- **Data supplied**

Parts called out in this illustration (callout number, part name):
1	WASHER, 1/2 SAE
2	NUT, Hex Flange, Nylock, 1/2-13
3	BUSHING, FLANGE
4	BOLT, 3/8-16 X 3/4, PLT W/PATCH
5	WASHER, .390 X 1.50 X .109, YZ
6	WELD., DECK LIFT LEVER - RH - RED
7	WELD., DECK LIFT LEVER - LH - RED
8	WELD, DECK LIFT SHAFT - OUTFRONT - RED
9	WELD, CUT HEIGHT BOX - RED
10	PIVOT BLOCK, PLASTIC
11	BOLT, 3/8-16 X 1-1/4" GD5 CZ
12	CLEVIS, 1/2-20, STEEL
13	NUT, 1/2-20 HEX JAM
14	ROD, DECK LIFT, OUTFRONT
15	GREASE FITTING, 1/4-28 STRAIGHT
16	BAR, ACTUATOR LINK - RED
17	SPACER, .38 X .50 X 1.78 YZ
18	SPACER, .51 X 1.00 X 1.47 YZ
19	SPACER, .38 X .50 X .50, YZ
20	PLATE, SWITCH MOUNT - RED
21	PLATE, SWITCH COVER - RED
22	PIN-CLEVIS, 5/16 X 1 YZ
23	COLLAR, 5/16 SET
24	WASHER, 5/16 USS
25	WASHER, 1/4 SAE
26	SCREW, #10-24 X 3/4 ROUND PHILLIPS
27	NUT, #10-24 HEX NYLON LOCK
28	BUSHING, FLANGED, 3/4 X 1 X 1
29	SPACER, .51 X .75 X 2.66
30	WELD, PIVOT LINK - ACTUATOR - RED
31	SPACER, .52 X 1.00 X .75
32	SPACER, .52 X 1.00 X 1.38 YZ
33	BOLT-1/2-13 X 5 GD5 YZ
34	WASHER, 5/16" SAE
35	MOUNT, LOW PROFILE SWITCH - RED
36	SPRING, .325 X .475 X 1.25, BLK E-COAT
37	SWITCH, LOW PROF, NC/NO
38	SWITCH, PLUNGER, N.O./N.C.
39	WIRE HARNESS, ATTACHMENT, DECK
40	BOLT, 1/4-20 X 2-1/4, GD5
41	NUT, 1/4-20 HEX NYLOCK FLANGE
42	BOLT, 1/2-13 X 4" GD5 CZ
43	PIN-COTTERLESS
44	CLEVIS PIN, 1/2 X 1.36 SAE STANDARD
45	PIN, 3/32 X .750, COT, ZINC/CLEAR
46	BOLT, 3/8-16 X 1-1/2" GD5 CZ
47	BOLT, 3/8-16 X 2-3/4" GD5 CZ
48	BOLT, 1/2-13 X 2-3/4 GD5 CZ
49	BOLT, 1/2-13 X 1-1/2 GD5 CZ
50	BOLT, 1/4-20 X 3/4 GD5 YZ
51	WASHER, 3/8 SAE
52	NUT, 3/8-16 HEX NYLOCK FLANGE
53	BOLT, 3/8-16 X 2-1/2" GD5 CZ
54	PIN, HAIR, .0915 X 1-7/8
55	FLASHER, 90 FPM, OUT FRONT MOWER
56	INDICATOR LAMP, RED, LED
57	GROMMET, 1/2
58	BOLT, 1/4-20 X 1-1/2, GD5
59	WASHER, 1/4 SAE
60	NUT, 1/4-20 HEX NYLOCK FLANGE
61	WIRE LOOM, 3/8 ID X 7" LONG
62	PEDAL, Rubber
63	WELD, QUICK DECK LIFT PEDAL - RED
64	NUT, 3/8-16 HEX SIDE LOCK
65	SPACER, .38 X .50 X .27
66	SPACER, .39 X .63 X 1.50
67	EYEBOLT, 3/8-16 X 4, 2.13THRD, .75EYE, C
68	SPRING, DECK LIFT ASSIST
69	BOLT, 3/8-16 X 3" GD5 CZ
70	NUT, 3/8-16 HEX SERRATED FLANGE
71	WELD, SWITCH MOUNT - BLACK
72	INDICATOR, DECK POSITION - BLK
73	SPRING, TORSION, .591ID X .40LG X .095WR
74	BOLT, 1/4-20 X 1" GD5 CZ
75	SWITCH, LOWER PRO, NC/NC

- **What the task requires**
Output each record exactly, leaving nothing out.

- **Task answer**
Parts called out in this illustration (callout number, part name):
1	WASHER, 1/2 SAE
2	NUT, Hex Flange, Nylock, 1/2-13
3	BUSHING, FLANGE
4	BOLT, 3/8-16 X 3/4, PLT W/PATCH
5	WASHER, .390 X 1.50 X .109, YZ
6	WELD., DECK LIFT LEVER - RH - RED
7	WELD., DECK LIFT LEVER - LH - RED
8	WELD, DECK LIFT SHAFT - OUTFRONT - RED
9	WELD, CUT HEIGHT BOX - RED
10	PIVOT BLOCK, PLASTIC
11	BOLT, 3/8-16 X 1-1/4" GD5 CZ
12	CLEVIS, 1/2-20, STEEL
13	NUT, 1/2-20 HEX JAM
14	ROD, DECK LIFT, OUTFRONT
15	GREASE FITTING, 1/4-28 STRAIGHT
16	BAR, ACTUATOR LINK - RED
17	SPACER, .38 X .50 X 1.78 YZ
18	SPACER, .51 X 1.00 X 1.47 YZ
19	SPACER, .38 X .50 X .50, YZ
20	PLATE, SWITCH MOUNT - RED
21	PLATE, SWITCH COVER - RED
22	PIN-CLEVIS, 5/16 X 1 YZ
23	COLLAR, 5/16 SET
24	WASHER, 5/16 USS
25	WASHER, 1/4 SAE
26	SCREW, #10-24 X 3/4 ROUND PHILLIPS
27	NUT, #10-24 HEX NYLON LOCK
28	BUSHING, FLANGED, 3/4 X 1 X 1
29	SPACER, .51 X .75 X 2.66
30	WELD, PIVOT LINK - ACTUATOR - RED
31	SPACER, .52 X 1.00 X .75
32	SPACER, .52 X 1.00 X 1.38 YZ
33	BOLT-1/2-13 X 5 GD5 YZ
34	WASHER, 5/16" SAE
35	MOUNT, LOW PROFILE SWITCH - RED
36	SPRING, .325 X .475 X 1.25, BLK E-COAT
37	SWITCH, LOW PROF, NC/NO
38	SWITCH, PLUNGER, N.O./N.C.
39	WIRE HARNESS, ATTACHMENT, DECK
40	BOLT, 1/4-20 X 2-1/4, GD5
41	NUT, 1/4-20 HEX NYLOCK FLANGE
42	BOLT, 1/2-13 X 4" GD5 CZ
43	PIN-COTTERLESS
44	CLEVIS PIN, 1/2 X 1.36 SAE STANDARD
45	PIN, 3/32 X .750, COT, ZINC/CLEAR
46	BOLT, 3/8-16 X 1-1/2" GD5 CZ
47	BOLT, 3/8-16 X 2-3/4" GD5 CZ
48	BOLT, 1/2-13 X 2-3/4 GD5 CZ
49	BOLT, 1/2-13 X 1-1/2 GD5 CZ
50	BOLT, 1/4-20 X 3/4 GD5 YZ
51	WASHER, 3/8 SAE
52	NUT, 3/8-16 HEX NYLOCK FLANGE
53	BOLT, 3/8-16 X 2-1/2" GD5 CZ
54	PIN, HAIR, .0915 X 1-7/8
55	FLASHER, 90 FPM, OUT FRONT MOWER
56	INDICATOR LAMP, RED, LED
57	GROMMET, 1/2
58	BOLT, 1/4-20 X 1-1/2, GD5
59	WASHER, 1/4 SAE
60	NUT, 1/4-20 HEX NYLOCK FLANGE
61	WIRE LOOM, 3/8 ID X 7" LONG
62	PEDAL, Rubber
63	WELD, QUICK DECK LIFT PEDAL - RED
64	NUT, 3/8-16 HEX SIDE LOCK
65	SPACER, .38 X .50 X .27
66	SPACER, .39 X .63 X 1.50
67	EYEBOLT, 3/8-16 X 4, 2.13THRD, .75EYE, C
68	SPRING, DECK LIFT ASSIST
69	BOLT, 3/8-16 X 3" GD5 CZ
70	NUT, 3/8-16 HEX SERRATED FLANGE
71	WELD, SWITCH MOUNT - BLACK
72	INDICATOR, DECK POSITION - BLK
73	SPRING, TORSION, .591ID X .40LG X .095WR
74	BOLT, 1/4-20 X 1" GD5 CZ
75	SWITCH, LOWER PRO, NC/NC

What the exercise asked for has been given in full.